The whole procedure incl. printing, letting dry, overspraying with clear coat lacquer, letting dry again, applying the decals and finally touching up the white decal edges (Revell #51 is a close fit to the Camaro´s color) was not even an hour I took off from my work time today...!










Now all she needs is a brushed on light coat of Micro Gloss (that´s what I always use when not covering whole cars with clear coat) over the decals tonight when the blue enamel´s dry! 

Now if I only knew what to do with my silly white TJET CAMARO tampo printings?  Any suggestions highly appreciated...! 

Greetings from Germany,

Claus


----------



## Bill Hall (Jan 6, 2007)

OMG!

Like all yer stuff...She's top shelf!

Funny dat...the manufacturers never seem to grasp the concept that it's these little subtlties and nuances which are sooooooo important.

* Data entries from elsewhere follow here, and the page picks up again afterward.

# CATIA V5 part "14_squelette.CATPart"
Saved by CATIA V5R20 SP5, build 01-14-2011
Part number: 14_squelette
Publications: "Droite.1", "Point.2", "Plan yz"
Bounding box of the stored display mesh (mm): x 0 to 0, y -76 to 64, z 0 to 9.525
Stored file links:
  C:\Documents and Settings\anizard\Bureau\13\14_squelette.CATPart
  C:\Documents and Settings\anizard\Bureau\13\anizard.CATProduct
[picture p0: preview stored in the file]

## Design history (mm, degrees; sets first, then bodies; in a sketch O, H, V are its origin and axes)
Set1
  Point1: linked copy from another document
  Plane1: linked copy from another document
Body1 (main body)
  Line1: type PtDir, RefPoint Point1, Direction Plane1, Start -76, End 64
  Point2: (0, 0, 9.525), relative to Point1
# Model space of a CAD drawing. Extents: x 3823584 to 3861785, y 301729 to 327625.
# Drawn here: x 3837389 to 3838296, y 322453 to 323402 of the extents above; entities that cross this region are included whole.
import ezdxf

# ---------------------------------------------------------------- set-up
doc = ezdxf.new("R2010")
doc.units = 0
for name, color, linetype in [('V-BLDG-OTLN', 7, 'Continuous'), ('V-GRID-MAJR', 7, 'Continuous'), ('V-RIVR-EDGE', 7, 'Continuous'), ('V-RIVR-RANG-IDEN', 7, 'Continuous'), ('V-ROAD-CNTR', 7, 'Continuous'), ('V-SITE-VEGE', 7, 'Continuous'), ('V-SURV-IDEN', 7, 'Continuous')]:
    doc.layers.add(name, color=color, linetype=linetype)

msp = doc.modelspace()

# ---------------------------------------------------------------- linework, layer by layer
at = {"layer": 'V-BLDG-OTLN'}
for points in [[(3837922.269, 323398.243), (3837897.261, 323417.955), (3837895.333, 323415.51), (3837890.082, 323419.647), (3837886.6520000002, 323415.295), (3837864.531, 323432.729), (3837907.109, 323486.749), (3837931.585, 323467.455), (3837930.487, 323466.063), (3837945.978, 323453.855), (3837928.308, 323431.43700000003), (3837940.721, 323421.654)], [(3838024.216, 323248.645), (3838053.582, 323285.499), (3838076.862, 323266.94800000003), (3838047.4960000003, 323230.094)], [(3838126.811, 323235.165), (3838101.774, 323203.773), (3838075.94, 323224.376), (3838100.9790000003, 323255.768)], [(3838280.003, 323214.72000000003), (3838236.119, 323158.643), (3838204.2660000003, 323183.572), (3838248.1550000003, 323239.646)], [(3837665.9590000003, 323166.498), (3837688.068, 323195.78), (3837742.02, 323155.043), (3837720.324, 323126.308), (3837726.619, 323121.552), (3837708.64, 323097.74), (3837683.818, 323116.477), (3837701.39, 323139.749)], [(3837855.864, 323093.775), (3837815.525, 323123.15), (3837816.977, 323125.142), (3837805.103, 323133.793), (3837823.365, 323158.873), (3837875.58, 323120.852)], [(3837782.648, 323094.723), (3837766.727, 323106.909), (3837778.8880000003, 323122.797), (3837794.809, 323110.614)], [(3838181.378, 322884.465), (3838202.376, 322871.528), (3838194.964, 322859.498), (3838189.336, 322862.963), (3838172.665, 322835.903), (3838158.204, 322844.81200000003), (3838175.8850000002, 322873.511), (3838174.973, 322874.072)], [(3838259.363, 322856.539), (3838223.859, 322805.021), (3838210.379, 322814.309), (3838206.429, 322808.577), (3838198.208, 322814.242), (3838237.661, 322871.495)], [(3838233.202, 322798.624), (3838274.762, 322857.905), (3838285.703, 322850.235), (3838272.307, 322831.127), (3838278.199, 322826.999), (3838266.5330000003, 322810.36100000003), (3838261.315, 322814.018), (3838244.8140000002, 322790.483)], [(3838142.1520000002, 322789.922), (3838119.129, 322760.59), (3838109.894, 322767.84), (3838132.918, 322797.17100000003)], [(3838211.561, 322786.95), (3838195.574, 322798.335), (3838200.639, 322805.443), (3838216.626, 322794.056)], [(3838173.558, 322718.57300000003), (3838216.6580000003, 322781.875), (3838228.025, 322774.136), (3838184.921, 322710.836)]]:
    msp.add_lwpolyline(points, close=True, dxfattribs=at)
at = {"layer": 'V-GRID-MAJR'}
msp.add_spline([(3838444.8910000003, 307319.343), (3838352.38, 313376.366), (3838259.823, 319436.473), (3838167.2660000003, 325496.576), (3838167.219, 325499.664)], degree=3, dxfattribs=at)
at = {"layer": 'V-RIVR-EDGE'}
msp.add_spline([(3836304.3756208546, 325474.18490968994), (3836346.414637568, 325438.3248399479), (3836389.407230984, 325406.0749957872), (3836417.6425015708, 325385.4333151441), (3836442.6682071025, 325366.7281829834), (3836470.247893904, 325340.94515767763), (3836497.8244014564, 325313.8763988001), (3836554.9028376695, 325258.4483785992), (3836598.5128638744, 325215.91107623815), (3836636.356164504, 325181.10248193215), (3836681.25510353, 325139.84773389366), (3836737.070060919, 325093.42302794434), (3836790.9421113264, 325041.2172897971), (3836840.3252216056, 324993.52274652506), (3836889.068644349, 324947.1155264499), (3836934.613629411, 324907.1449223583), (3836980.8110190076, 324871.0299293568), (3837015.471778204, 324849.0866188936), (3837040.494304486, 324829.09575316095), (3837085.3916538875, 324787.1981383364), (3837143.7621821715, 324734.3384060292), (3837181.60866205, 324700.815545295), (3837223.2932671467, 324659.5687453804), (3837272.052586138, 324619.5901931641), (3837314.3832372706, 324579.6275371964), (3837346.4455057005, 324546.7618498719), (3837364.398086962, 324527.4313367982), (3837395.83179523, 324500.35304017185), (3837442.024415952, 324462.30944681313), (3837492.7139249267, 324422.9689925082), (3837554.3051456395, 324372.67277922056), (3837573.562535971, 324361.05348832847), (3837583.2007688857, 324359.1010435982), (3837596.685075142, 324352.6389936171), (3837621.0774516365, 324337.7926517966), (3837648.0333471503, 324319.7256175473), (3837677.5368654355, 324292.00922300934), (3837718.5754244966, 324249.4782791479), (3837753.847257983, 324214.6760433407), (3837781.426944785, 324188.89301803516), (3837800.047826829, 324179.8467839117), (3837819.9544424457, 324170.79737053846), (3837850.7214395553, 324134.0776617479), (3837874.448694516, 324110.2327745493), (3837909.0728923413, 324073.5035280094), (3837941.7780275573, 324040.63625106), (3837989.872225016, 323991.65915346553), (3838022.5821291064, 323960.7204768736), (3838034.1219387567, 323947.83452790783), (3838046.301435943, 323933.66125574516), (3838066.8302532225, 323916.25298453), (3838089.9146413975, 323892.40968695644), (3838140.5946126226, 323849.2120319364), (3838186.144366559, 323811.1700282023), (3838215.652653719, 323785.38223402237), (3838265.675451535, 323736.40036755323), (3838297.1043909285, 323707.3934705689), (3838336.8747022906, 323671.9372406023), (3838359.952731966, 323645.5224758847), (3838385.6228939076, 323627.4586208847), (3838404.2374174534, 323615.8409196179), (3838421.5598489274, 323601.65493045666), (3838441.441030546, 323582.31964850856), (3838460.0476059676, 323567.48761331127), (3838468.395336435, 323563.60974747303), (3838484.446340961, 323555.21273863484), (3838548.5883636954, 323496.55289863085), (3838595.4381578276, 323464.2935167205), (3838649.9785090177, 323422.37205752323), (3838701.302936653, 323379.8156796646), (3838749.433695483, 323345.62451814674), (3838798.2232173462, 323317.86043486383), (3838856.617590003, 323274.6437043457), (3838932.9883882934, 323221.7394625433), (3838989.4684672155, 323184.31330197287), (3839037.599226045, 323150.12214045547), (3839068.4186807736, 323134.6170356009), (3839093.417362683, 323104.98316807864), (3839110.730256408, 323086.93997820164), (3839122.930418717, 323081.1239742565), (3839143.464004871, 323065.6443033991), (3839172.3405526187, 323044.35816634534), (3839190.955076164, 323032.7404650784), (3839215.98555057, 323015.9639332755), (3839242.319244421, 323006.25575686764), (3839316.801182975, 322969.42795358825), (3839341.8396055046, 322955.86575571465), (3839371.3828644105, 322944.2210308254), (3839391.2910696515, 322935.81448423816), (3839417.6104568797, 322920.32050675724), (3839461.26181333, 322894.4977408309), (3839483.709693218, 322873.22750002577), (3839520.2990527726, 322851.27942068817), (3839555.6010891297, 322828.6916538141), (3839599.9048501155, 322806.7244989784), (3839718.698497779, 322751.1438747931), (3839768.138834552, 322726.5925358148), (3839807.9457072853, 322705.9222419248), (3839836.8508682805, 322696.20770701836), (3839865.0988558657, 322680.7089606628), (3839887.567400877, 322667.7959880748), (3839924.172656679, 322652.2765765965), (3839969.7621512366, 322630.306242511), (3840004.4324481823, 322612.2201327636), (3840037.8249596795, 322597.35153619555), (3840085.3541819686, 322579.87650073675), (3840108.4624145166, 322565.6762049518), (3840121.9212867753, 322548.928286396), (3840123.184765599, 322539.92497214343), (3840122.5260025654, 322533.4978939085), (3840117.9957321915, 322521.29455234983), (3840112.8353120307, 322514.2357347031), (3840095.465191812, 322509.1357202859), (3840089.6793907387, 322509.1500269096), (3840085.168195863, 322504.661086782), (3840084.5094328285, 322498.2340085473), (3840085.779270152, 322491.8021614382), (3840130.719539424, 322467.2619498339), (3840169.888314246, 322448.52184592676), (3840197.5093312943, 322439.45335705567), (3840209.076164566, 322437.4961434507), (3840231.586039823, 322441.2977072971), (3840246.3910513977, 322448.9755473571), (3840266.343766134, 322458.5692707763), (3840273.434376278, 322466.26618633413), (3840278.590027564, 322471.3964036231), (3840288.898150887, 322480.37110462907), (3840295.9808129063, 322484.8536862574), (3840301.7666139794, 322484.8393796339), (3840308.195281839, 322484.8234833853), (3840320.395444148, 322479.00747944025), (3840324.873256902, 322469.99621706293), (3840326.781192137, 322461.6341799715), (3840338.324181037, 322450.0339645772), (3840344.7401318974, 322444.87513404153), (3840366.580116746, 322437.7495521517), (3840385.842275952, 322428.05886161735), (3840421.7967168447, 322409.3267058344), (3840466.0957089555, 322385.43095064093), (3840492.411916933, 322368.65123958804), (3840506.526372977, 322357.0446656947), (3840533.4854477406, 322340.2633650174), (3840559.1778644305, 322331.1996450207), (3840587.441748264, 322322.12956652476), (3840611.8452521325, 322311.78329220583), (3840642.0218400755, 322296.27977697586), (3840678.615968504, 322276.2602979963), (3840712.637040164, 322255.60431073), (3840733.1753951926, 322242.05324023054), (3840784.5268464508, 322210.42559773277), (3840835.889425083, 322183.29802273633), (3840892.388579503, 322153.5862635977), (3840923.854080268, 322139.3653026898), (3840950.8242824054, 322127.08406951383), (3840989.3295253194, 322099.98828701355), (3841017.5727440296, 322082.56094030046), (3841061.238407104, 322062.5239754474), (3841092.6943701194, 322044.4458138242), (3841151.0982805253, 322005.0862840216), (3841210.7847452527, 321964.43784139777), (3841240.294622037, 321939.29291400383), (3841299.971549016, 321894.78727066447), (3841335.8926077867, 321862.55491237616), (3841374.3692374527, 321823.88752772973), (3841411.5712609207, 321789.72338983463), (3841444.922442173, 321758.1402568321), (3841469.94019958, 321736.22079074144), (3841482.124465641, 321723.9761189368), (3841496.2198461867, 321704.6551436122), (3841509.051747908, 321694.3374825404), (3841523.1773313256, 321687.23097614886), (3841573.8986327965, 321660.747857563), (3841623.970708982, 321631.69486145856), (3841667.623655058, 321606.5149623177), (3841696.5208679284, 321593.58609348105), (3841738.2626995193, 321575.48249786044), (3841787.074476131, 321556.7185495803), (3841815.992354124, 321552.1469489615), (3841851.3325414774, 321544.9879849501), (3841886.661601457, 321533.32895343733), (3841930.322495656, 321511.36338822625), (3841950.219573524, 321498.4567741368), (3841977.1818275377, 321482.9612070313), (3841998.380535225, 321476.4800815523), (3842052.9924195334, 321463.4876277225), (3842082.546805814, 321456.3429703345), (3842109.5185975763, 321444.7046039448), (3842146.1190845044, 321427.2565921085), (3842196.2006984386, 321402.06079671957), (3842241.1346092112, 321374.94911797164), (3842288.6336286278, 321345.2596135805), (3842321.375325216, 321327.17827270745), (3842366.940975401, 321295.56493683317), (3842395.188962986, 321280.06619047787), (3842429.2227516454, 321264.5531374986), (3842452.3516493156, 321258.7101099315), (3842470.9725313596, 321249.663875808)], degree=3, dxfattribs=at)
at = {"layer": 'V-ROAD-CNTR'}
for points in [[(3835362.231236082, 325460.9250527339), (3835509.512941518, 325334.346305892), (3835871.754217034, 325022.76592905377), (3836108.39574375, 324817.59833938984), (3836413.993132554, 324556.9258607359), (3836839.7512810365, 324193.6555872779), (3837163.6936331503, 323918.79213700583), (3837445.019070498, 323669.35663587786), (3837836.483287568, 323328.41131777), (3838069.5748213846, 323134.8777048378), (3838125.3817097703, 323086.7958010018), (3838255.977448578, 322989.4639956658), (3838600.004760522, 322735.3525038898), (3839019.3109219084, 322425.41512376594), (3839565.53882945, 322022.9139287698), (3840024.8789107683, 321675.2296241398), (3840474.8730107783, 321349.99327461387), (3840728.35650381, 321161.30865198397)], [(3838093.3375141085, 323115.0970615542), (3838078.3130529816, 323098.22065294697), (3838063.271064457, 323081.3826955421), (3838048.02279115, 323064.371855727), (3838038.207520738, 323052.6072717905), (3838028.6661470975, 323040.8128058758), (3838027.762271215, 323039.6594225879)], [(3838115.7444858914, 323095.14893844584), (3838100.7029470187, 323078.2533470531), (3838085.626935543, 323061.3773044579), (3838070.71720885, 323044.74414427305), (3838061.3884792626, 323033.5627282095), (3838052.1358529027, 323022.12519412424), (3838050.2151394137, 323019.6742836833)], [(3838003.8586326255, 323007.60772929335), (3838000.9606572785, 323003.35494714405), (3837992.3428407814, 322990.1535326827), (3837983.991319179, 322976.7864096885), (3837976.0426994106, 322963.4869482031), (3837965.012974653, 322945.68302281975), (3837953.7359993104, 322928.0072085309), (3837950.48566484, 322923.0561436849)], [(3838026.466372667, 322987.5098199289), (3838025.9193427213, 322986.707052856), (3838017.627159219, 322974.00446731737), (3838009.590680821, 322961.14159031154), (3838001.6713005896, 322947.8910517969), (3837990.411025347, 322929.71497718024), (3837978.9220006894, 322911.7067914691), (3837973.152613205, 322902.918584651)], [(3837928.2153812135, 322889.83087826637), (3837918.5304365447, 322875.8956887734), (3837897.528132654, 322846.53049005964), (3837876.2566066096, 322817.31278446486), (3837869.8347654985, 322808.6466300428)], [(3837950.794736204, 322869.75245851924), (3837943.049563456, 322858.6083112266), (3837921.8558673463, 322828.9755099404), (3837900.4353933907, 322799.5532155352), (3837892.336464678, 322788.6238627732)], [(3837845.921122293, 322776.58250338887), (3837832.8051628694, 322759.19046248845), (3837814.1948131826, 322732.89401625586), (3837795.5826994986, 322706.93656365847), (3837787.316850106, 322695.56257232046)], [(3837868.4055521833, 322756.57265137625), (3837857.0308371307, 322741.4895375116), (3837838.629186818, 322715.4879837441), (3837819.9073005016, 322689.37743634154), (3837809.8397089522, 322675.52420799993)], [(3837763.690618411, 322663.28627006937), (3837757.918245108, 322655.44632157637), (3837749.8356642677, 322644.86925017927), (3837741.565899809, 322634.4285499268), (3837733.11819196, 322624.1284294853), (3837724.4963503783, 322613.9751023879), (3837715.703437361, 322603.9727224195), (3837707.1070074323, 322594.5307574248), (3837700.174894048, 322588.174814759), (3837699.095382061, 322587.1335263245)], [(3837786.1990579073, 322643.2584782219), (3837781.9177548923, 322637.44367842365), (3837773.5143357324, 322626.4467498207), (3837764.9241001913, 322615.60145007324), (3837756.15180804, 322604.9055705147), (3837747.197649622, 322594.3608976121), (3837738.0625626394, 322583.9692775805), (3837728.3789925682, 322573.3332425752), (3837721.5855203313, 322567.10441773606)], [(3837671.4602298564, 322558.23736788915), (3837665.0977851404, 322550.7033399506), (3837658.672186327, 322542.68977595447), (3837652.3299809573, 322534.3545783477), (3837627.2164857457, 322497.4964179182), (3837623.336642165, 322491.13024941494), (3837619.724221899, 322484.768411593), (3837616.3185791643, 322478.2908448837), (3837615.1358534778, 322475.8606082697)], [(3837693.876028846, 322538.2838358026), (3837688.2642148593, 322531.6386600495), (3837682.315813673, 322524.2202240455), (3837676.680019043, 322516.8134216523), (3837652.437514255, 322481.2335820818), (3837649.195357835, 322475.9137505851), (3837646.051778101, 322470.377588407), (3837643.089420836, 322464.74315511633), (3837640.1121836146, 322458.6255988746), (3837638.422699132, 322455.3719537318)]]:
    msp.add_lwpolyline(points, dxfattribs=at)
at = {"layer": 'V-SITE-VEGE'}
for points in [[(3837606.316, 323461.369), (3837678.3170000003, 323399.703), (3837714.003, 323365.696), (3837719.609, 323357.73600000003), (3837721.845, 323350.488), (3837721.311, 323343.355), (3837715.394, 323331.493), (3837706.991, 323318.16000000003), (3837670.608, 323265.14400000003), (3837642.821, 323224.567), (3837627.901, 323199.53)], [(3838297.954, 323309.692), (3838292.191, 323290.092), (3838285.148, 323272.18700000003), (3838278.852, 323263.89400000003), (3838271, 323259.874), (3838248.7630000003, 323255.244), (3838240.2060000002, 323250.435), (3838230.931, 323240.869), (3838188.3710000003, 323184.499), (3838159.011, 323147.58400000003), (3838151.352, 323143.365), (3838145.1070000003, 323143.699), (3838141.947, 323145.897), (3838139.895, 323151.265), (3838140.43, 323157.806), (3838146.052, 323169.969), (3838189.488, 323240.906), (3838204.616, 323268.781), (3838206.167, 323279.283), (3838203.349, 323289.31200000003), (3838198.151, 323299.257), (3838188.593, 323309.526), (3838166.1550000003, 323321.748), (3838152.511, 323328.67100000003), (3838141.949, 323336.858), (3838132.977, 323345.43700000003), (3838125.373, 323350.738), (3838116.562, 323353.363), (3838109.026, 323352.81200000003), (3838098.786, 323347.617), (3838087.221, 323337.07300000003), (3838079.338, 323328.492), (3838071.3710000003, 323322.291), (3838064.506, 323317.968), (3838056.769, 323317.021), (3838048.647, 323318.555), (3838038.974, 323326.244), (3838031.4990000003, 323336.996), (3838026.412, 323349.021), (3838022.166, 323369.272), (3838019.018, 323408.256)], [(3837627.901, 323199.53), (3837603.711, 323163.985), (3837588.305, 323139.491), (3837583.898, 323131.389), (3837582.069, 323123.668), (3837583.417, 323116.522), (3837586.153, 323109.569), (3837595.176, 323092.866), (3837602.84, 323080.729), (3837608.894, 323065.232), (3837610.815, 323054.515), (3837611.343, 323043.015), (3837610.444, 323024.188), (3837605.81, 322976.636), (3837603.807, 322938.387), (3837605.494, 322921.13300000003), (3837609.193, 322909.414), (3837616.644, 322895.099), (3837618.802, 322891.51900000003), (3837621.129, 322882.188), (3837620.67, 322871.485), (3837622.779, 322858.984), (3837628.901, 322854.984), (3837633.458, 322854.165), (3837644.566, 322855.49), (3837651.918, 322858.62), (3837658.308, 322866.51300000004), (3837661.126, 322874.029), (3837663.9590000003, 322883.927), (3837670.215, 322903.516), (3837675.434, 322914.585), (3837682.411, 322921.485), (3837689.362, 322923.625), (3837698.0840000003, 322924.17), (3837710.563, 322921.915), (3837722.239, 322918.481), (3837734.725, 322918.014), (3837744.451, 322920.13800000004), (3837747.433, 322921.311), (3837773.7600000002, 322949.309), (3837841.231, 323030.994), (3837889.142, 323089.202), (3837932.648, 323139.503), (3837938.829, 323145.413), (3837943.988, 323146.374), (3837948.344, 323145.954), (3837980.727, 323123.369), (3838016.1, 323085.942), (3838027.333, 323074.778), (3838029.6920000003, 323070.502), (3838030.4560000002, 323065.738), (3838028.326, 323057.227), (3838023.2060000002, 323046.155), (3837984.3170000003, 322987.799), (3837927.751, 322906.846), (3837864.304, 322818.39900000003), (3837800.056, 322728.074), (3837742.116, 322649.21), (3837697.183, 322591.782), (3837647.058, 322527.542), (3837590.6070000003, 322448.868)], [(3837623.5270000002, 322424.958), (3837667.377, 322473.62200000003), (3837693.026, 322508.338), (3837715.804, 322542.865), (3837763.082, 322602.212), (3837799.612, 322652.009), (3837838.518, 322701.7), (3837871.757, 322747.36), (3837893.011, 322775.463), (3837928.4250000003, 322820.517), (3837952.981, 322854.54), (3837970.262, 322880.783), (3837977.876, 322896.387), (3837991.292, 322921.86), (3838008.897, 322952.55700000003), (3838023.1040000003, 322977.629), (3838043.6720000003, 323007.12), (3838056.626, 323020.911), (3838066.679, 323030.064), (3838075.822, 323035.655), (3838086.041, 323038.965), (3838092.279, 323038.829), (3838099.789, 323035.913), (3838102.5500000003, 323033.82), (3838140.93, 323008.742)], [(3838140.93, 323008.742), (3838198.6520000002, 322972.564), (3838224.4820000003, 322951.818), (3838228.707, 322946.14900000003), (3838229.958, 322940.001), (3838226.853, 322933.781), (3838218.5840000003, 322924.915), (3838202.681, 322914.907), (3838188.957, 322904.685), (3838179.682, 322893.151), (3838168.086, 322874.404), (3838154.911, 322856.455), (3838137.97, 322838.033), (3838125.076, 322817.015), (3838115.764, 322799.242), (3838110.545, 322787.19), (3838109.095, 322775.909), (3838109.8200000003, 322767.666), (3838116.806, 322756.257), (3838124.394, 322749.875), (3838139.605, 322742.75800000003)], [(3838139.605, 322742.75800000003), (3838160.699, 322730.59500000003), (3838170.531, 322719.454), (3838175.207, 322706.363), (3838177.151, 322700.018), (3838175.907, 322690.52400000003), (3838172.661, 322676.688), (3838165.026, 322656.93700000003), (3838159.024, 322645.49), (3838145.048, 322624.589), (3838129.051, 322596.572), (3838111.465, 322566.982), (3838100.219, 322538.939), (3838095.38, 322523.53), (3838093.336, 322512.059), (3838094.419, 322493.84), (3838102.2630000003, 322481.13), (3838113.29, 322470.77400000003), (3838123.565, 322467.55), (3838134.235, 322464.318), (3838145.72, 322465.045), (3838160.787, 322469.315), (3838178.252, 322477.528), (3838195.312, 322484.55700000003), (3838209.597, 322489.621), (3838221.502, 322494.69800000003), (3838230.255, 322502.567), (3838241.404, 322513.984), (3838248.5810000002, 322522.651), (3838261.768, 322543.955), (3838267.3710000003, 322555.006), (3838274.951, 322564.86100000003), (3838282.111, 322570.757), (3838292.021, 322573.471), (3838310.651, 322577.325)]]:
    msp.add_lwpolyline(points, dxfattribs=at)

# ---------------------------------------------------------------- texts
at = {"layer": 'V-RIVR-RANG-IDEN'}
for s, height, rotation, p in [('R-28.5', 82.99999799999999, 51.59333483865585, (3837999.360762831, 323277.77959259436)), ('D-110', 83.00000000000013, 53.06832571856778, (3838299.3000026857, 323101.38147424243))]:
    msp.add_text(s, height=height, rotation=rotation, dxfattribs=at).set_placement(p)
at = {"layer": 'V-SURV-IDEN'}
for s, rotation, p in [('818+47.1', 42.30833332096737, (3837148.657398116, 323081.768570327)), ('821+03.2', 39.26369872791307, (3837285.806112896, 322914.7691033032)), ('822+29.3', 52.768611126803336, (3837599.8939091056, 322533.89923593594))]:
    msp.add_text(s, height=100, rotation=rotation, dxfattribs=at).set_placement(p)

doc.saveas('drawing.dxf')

...'course if they made them all correct we wouldnt have anything to do, laugh at, or complain about. :tongue:


----------



## slotnewbie69 (Dec 3, 2008)

tee hee...rock, brick...well said bill.
claus those look great!i could never resist lowering my tjets...i agree on the aw chassis...love those rims too!


----------



## Guidepin (Apr 25, 2009)

*AW Camaros*

CLAUS: :wave: AWESOME looking wheels. Lowering the bodies sure improves the look of the AW CAMAROS. :thumbsup::thumbsup: GK


----------



## tjd241 (Jan 25, 2004)

*BTW Claus....*

I spy an E-Type with a yellow #15. What ya got hidden there?  nd


----------



## win43 (Aug 28, 2006)

Sweet job Claus. :thumbsup::thumbsup: Like the way your decals turned out.


----------



## WesJY (Mar 4, 2004)

Claus!! you know i am a mopar freak but those camaros are nice!!! :thumbsup:

Wes


----------



## bobhch (Apr 22, 2007)

Claus,

Was not expecting this but, yeah that is Sunoco Camaro cool!!  

Bb...Now this Camar is fun...zilla


----------



## bearsox (Apr 22, 2006)

*I fully agree as this is what they should have looked like from the git go ! Very nice look and excellent work as allways Claus ! Me LIKEY !!!:thumbsup:

Bear :wave:*


----------



## noddaz (Aug 6, 1999)

clausheupel said:


> *snip*
> 
> Now if I only knew what to do with my silly white TJET CAMARO tampo printings?  Any suggestions highly appreciated...!
> 
> ...


Nice job on the blue Camaro Claus..
As what to do to TJET CAMARO tampo on the white car...

Buff it off.........


----------



## ebi (Jan 24, 2007)

Dyno Dom said:


> I believe the car to which you are refering is a Lexan model in HO Journal.


You are right, H0 Journal. A 70s TA Chaparral made for Gary Beedle's birthday. Very very impressing work!


----------